◆ Raw data
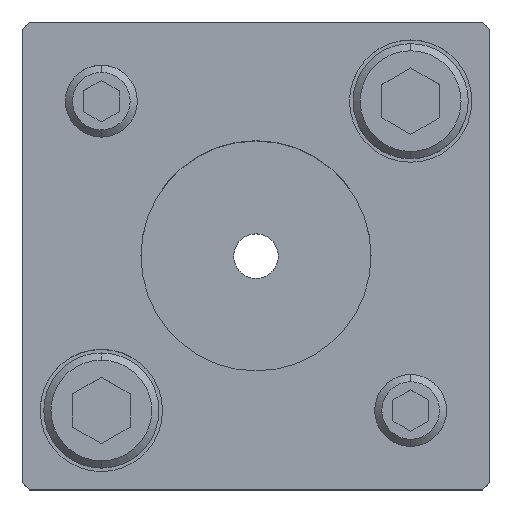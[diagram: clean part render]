
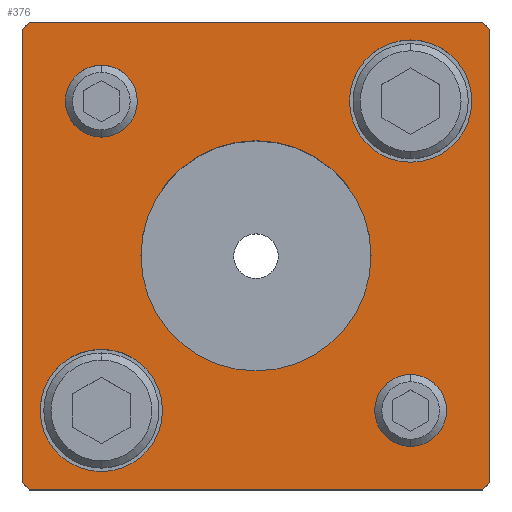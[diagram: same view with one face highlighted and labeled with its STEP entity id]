
A CAD part, top view. The second image highlights one B-rep face of the part: STEP entity #376.
In plain terms, the highlighted planar face has unit normal (0, 0, 1).
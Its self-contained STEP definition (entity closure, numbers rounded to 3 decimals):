
#139=PLANE('',#2852);
#200=FACE_BOUND('',#707,.T.);
#201=FACE_BOUND('',#708,.T.);
#202=FACE_BOUND('',#709,.T.);
#203=FACE_BOUND('',#710,.T.);
#204=FACE_BOUND('',#711,.T.);
#205=FACE_BOUND('',#712,.T.);
#376=ADVANCED_FACE('',(#200,#201,#202,#203,#204,#205),#139,.T.);
#707=EDGE_LOOP('',(#1263,#1264,#1265,#1266,#1267,#1268,#1269,#1270));
#708=EDGE_LOOP('',(#1271,#1272));
#709=EDGE_LOOP('',(#1273,#1274));
#710=EDGE_LOOP('',(#1275,#1276));
#711=EDGE_LOOP('',(#1277,#1278));
#712=EDGE_LOOP('',(#1279,#1280));
#881=CIRCLE('',#2822,5.);
#883=CIRCLE('',#2825,5.);
#885=CIRCLE('',#2828,5.);
#887=CIRCLE('',#2831,5.);
#897=CIRCLE('',#2846,8.5);
#898=CIRCLE('',#2847,8.5);
#899=CIRCLE('',#2848,8.5);
#900=CIRCLE('',#2849,8.5);
#901=CIRCLE('',#2850,16.);
#902=CIRCLE('',#2851,16.);
#1263=ORIENTED_EDGE('',*,*,#2069,.T.);
#1264=ORIENTED_EDGE('',*,*,#2070,.T.);
#1265=ORIENTED_EDGE('',*,*,#2071,.T.);
#1266=ORIENTED_EDGE('',*,*,#2072,.T.);
#1267=ORIENTED_EDGE('',*,*,#2073,.T.);
#1268=ORIENTED_EDGE('',*,*,#2074,.T.);
#1269=ORIENTED_EDGE('',*,*,#2075,.T.);
#1270=ORIENTED_EDGE('',*,*,#2076,.T.);
#1271=ORIENTED_EDGE('',*,*,#2077,.F.);
#1272=ORIENTED_EDGE('',*,*,#2078,.F.);
#1273=ORIENTED_EDGE('',*,*,#2079,.F.);
#1274=ORIENTED_EDGE('',*,*,#2080,.F.);
#1275=ORIENTED_EDGE('',*,*,#2055,.F.);
#1276=ORIENTED_EDGE('',*,*,#2051,.F.);
#1277=ORIENTED_EDGE('',*,*,#2049,.F.);
#1278=ORIENTED_EDGE('',*,*,#2045,.F.);
#1279=ORIENTED_EDGE('',*,*,#2081,.T.);
#1280=ORIENTED_EDGE('',*,*,#2082,.T.);
#1763=VERTEX_POINT('',#4143);
#1764=VERTEX_POINT('',#4144);
#1767=VERTEX_POINT('',#4155);
#1768=VERTEX_POINT('',#4156);
#1779=VERTEX_POINT('',#4191);
#1780=VERTEX_POINT('',#4192);
#1781=VERTEX_POINT('',#4194);
#1782=VERTEX_POINT('',#4196);
#1783=VERTEX_POINT('',#4198);
#1784=VERTEX_POINT('',#4200);
#1785=VERTEX_POINT('',#4202);
#1786=VERTEX_POINT('',#4204);
#1787=VERTEX_POINT('',#4207);
#1788=VERTEX_POINT('',#4208);
#1789=VERTEX_POINT('',#4211);
#1790=VERTEX_POINT('',#4212);
#1791=VERTEX_POINT('',#4215);
#1792=VERTEX_POINT('',#4216);
#2045=EDGE_CURVE('',#1763,#1764,#881,.T.);
#2049=EDGE_CURVE('',#1764,#1763,#883,.T.);
#2051=EDGE_CURVE('',#1767,#1768,#885,.T.);
#2055=EDGE_CURVE('',#1768,#1767,#887,.T.);
#2069=EDGE_CURVE('',#1779,#1780,#2347,.T.);
#2070=EDGE_CURVE('',#1780,#1781,#2348,.T.);
#2071=EDGE_CURVE('',#1781,#1782,#2349,.T.);
#2072=EDGE_CURVE('',#1782,#1783,#2350,.T.);
#2073=EDGE_CURVE('',#1783,#1784,#2351,.T.);
#2074=EDGE_CURVE('',#1784,#1785,#2352,.T.);
#2075=EDGE_CURVE('',#1785,#1786,#2353,.T.);
#2076=EDGE_CURVE('',#1786,#1779,#2354,.T.);
#2077=EDGE_CURVE('',#1787,#1788,#897,.T.);
#2078=EDGE_CURVE('',#1788,#1787,#898,.T.);
#2079=EDGE_CURVE('',#1789,#1790,#899,.T.);
#2080=EDGE_CURVE('',#1790,#1789,#900,.T.);
#2081=EDGE_CURVE('',#1791,#1792,#901,.T.);
#2082=EDGE_CURVE('',#1792,#1791,#902,.T.);
#2347=LINE('',#4190,#2563);
#2348=LINE('',#4193,#2564);
#2349=LINE('',#4195,#2565);
#2350=LINE('',#4197,#2566);
#2351=LINE('',#4199,#2567);
#2352=LINE('',#4201,#2568);
#2353=LINE('',#4203,#2569);
#2354=LINE('',#4205,#2570);
#2563=VECTOR('',#3379,1.);
#2564=VECTOR('',#3380,1.);
#2565=VECTOR('',#3381,1.);
#2566=VECTOR('',#3382,1.);
#2567=VECTOR('',#3383,1.);
#2568=VECTOR('',#3384,1.);
#2569=VECTOR('',#3385,1.);
#2570=VECTOR('',#3386,1.);
#2822=AXIS2_PLACEMENT_3D('',#4142,#3323,#3324);
#2825=AXIS2_PLACEMENT_3D('',#4151,#3331,#3332);
#2828=AXIS2_PLACEMENT_3D('',#4154,#3337,#3338);
#2831=AXIS2_PLACEMENT_3D('',#4163,#3345,#3346);
#2846=AXIS2_PLACEMENT_3D('',#4206,#3387,#3388);
#2847=AXIS2_PLACEMENT_3D('',#4209,#3389,#3390);
#2848=AXIS2_PLACEMENT_3D('',#4210,#3391,#3392);
#2849=AXIS2_PLACEMENT_3D('',#4213,#3393,#3394);
#2850=AXIS2_PLACEMENT_3D('',#4214,#3395,#3396);
#2851=AXIS2_PLACEMENT_3D('',#4217,#3397,#3398);
#2852=AXIS2_PLACEMENT_3D('',#4218,#3399,#3400);
#3323=DIRECTION('',(0.,0.,1.));
#3324=DIRECTION('',(1.,0.,0.));
#3331=DIRECTION('',(0.,0.,1.));
#3332=DIRECTION('',(-1.,0.,0.));
#3337=DIRECTION('',(0.,0.,1.));
#3338=DIRECTION('',(1.,0.,0.));
#3345=DIRECTION('',(0.,0.,1.));
#3346=DIRECTION('',(-1.,0.,0.));
#3379=DIRECTION('',(1.,0.,0.));
#3380=DIRECTION('',(0.707,0.707,0.));
#3381=DIRECTION('',(0.,1.,0.));
#3382=DIRECTION('',(-0.707,0.707,0.));
#3383=DIRECTION('',(-1.,0.,0.));
#3384=DIRECTION('',(-0.707,-0.707,0.));
#3385=DIRECTION('',(0.,-1.,0.));
#3386=DIRECTION('',(0.707,-0.707,0.));
#3387=DIRECTION('',(0.,0.,1.));
#3388=DIRECTION('',(1.,0.,0.));
#3389=DIRECTION('',(0.,0.,1.));
#3390=DIRECTION('',(-1.,0.,0.));
#3391=DIRECTION('',(0.,0.,1.));
#3392=DIRECTION('',(1.,0.,0.));
#3393=DIRECTION('',(0.,0.,1.));
#3394=DIRECTION('',(-1.,0.,0.));
#3395=DIRECTION('',(0.,0.,-1.));
#3396=DIRECTION('',(-1.,0.,0.));
#3397=DIRECTION('',(0.,0.,-1.));
#3398=DIRECTION('',(1.,0.,0.));
#3399=DIRECTION('',(0.,0.,1.));
#3400=DIRECTION('',(-1.,0.,0.));
#4142=CARTESIAN_POINT('',(21.5,-21.5,35.));
#4143=CARTESIAN_POINT('',(21.5,-16.5,35.));
#4144=CARTESIAN_POINT('',(21.5,-26.5,35.));
#4151=CARTESIAN_POINT('',(21.5,-21.5,35.));
#4154=CARTESIAN_POINT('',(-21.5,21.5,35.));
#4155=CARTESIAN_POINT('',(-21.5,26.5,35.));
#4156=CARTESIAN_POINT('',(-21.5,16.5,35.));
#4163=CARTESIAN_POINT('',(-21.5,21.5,35.));
#4190=CARTESIAN_POINT('',(31.5,-32.5,35.));
#4191=CARTESIAN_POINT('',(-31.5,-32.5,35.));
#4192=CARTESIAN_POINT('',(31.5,-32.5,35.));
#4193=CARTESIAN_POINT('',(32.5,-31.5,35.));
#4194=CARTESIAN_POINT('',(32.5,-31.5,35.));
#4195=CARTESIAN_POINT('',(32.5,31.5,35.));
#4196=CARTESIAN_POINT('',(32.5,31.5,35.));
#4197=CARTESIAN_POINT('',(31.5,32.5,35.));
#4198=CARTESIAN_POINT('',(31.5,32.5,35.));
#4199=CARTESIAN_POINT('',(-31.5,32.5,35.));
#4200=CARTESIAN_POINT('',(-31.5,32.5,35.));
#4201=CARTESIAN_POINT('',(-32.5,31.5,35.));
#4202=CARTESIAN_POINT('',(-32.5,31.5,35.));
#4203=CARTESIAN_POINT('',(-32.5,-31.5,35.));
#4204=CARTESIAN_POINT('',(-32.5,-31.5,35.));
#4205=CARTESIAN_POINT('',(-32.5,-31.5,35.));
#4206=CARTESIAN_POINT('',(-21.5,-21.5,35.));
#4207=CARTESIAN_POINT('',(-21.5,-13.,35.));
#4208=CARTESIAN_POINT('',(-21.5,-30.,35.));
#4209=CARTESIAN_POINT('',(-21.5,-21.5,35.));
#4210=CARTESIAN_POINT('',(21.5,21.5,35.));
#4211=CARTESIAN_POINT('',(21.5,30.,35.));
#4212=CARTESIAN_POINT('',(21.5,13.,35.));
#4213=CARTESIAN_POINT('',(21.5,21.5,35.));
#4214=CARTESIAN_POINT('',(0.,0.,35.));
#4215=CARTESIAN_POINT('',(0.,16.,35.));
#4216=CARTESIAN_POINT('',(0.,-16.,35.));
#4217=CARTESIAN_POINT('',(0.,0.,35.));
#4218=CARTESIAN_POINT('',(-31.5,-32.5,35.));

◆ Task
With the line holding "#3400=DIRECTION('',(-1.,0.,0.));" as the first and the line holding "#4156=CARTESIAN_POINT('',(-21.5,16.5,35.));" as the last, please transcribe exactly the lines of the material above in that range and nothing else.

◆ Output of the exercise
#3400=DIRECTION('',(-1.,0.,0.));
#4142=CARTESIAN_POINT('',(21.5,-21.5,35.));
#4143=CARTESIAN_POINT('',(21.5,-16.5,35.));
#4144=CARTESIAN_POINT('',(21.5,-26.5,35.));
#4151=CARTESIAN_POINT('',(21.5,-21.5,35.));
#4154=CARTESIAN_POINT('',(-21.5,21.5,35.));
#4155=CARTESIAN_POINT('',(-21.5,26.5,35.));
#4156=CARTESIAN_POINT('',(-21.5,16.5,35.));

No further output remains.